The East Asian country’s effective anode capacity reached 3.2 million tpy in 2023, against 1.79 million tpy in 2022, according to market sources.

Meanwhile, planned capacity outside of China was about 814,250 tpy, according to Fastmarkets’ estimates. This meant that China accounted for almost 95% of the graphite anode market.

SK On and Westwater

“It is not surprising that the agreements come at this time, after the introduction of graphite export controls in China and proposed FEOC rules under the IRA in December,” Georgiev said, “because both developments created great uncertainty over anode supplies to Western battery producers.”

A foreign entity of concern (FEOC), according to the US, is any foreign entity that is “owned by, controlled by or subject to the jurisdiction or direction of a government of a covered nation.” The countries that currently fall into this “covered nation” category are China, Russia, North Korea and Iran.

Companies such as SK On must avoid dealing with US FEOC companies in order to comply with the IRA framework.

SK On is a South Korean company with plants in US. It has set up an offtake agreement with Westwater Resources for AAM from the graphite plant it is now developing in the US.

Westwater reported on February 5 that the volumes to be supplied under the deal were expected to reach 10,000 tonnes in the final year of the agreement.

“This is the first offtake agreement for Westwater, and the company is actively negotiating additional offtake agreements with other customers,” Frank Bakker, Westwater’s president and CEO, said.

“We believe that the contract with SK On is also the first agreement for the supply of coated spherical graphite between a South Korean EV battery manufacturer and a US natural purified graphite producer,” he added.

“We believe that Westwater is well positioned as one of the first US-based suppliers of natural purified graphite for companies seeking an IRA-compliant source by 2025,” he said.

Graphite production development

A wave of synthetically produced anode material from China has flooded the market in recent years and weighed on prices across the graphite complex.

Development of an active graphite supply chain from raw material to anode material has been hampered by low prices.

Oversupplied and underpriced synthetic anode squeezed the market share of its natural graphite equivalent, adding pressure on producers of flake graphite, the feedstock for AAM, market participants told Fastmarkets.

In line with this downward trend, Fastmarkets’ price assessment for graphite flake, 94% C, -100 mesh, fob China, was $510-538 per tonne on February 8, down by 7.58% compared with $530-604 per tonne four months earlier on October 12.

“Despite the current weakness in graphite prices, we expect that guaranteeing security of anode supply chains would spur investment into the graphite sector over the coming months,” Georgiev said.

Syrah Resources has become the first vertically integrated natural graphite AAM producer outside China, with production from its Vidalia plant in Louisiana, the company said on February 9.

The plant has entered a ramping-up period intended to reach 80% of capacity for 11,250 tpy within six months, and to achieve full output within 18 months.

Syrah has an offtake agreement with electric car company Tesla, which will receive AAM for product qualification and approval from Vidalia.

Assuming that Syrah’s material passes the qualification process on May 31, 2025, Tesla will receive 8,000 tpy of AAM over a four-year period at fixed pricing.

Funding remains important to the development of a graphite supply chain outside of China.

Syrah, which is listed on the Australia Stock Exchange, has applied for an additional loan of $350 million from the US Department of Energy Advanced Technology Vehicles Manufacturing loan scheme.

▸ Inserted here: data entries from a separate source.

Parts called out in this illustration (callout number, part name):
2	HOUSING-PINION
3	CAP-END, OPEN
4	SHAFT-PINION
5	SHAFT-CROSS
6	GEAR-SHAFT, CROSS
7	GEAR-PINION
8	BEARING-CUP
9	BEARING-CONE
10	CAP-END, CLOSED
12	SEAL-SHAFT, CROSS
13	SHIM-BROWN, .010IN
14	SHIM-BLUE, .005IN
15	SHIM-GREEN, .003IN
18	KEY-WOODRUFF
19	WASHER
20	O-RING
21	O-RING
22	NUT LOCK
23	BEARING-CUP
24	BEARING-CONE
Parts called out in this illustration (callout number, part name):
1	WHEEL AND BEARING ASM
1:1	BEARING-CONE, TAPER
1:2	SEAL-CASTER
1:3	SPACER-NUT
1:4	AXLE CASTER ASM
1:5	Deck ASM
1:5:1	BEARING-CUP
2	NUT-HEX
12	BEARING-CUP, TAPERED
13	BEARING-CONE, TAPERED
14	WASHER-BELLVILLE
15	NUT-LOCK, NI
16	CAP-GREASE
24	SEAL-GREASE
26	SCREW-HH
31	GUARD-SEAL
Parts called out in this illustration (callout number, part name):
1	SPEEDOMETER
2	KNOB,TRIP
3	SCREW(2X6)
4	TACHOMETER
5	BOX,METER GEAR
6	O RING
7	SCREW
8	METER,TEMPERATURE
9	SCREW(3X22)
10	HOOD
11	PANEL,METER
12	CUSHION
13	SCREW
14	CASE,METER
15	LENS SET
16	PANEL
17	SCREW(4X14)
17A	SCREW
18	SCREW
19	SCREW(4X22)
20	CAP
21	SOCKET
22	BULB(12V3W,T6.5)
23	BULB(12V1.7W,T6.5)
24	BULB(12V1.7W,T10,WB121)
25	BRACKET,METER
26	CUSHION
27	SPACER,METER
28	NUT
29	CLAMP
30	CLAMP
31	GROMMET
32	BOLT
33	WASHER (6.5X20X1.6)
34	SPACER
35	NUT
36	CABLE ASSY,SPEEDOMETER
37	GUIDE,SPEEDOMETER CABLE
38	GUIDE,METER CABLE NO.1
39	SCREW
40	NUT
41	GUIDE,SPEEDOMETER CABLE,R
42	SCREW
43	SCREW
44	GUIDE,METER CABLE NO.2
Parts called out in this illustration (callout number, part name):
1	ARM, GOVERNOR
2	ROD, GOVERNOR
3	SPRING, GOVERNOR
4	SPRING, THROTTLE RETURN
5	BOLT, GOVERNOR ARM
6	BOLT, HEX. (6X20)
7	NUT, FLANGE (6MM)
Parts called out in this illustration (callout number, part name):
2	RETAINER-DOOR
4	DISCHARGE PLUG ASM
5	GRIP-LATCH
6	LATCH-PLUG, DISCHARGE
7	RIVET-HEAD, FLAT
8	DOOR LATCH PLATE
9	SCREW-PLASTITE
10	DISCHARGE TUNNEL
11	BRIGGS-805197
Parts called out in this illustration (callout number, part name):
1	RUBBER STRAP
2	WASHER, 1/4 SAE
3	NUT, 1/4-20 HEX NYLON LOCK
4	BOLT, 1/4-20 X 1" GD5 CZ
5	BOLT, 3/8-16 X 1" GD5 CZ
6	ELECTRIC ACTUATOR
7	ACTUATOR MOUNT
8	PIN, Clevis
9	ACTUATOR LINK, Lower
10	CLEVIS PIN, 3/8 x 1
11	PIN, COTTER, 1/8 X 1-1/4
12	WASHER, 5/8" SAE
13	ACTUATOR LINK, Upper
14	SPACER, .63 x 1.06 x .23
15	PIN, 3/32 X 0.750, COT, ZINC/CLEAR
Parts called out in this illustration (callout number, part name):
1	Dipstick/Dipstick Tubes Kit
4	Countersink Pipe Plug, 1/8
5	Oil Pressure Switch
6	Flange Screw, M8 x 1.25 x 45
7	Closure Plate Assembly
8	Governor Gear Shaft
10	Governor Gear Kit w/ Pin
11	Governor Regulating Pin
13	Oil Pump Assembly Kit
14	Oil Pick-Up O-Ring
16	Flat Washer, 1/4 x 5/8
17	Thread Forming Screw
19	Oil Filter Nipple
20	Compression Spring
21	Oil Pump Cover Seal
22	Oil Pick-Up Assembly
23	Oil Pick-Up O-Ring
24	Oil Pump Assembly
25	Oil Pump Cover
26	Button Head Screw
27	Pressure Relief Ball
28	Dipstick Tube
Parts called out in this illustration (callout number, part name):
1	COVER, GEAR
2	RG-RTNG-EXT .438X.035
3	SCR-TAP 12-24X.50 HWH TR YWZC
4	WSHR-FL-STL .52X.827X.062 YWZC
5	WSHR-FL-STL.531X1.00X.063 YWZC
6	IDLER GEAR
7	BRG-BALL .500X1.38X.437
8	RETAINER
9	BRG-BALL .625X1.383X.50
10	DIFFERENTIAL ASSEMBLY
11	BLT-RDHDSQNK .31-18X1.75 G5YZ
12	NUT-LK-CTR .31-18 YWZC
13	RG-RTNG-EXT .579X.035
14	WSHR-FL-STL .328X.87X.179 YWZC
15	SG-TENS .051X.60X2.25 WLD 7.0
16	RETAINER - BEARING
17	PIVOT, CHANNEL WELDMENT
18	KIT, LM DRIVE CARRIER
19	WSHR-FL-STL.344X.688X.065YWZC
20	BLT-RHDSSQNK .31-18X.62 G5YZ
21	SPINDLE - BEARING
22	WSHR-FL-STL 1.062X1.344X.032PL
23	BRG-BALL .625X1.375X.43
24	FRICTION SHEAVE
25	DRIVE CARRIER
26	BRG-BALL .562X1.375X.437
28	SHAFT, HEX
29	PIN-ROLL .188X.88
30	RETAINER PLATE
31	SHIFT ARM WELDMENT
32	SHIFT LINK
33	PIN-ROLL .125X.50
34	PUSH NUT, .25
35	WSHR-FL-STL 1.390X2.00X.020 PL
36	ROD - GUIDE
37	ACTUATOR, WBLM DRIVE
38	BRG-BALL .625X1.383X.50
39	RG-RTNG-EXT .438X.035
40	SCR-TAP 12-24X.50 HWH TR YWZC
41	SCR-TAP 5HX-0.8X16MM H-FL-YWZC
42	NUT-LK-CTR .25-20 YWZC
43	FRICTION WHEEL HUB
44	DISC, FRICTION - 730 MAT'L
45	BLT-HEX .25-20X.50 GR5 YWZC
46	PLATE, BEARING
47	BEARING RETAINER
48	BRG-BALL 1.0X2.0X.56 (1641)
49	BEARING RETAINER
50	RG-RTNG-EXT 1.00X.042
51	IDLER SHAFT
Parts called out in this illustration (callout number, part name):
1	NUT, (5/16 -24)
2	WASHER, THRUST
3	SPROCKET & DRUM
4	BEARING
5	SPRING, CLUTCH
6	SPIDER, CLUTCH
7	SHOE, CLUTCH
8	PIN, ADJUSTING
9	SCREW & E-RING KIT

This funding would support the expansion of AAM capacity at Vidalia to 45,000 tpy.

With this additional capacity, Syrah could finalize a second binding offtake agreement with Tesla for an additional 17,000 tpy of AAM over a four-year period, also at fixed pricing.

Syrah was also in negotiations with several other downstream customers for AAM such as Samsung SDI, EV battery manufacturer SK On, and carmaker Ford.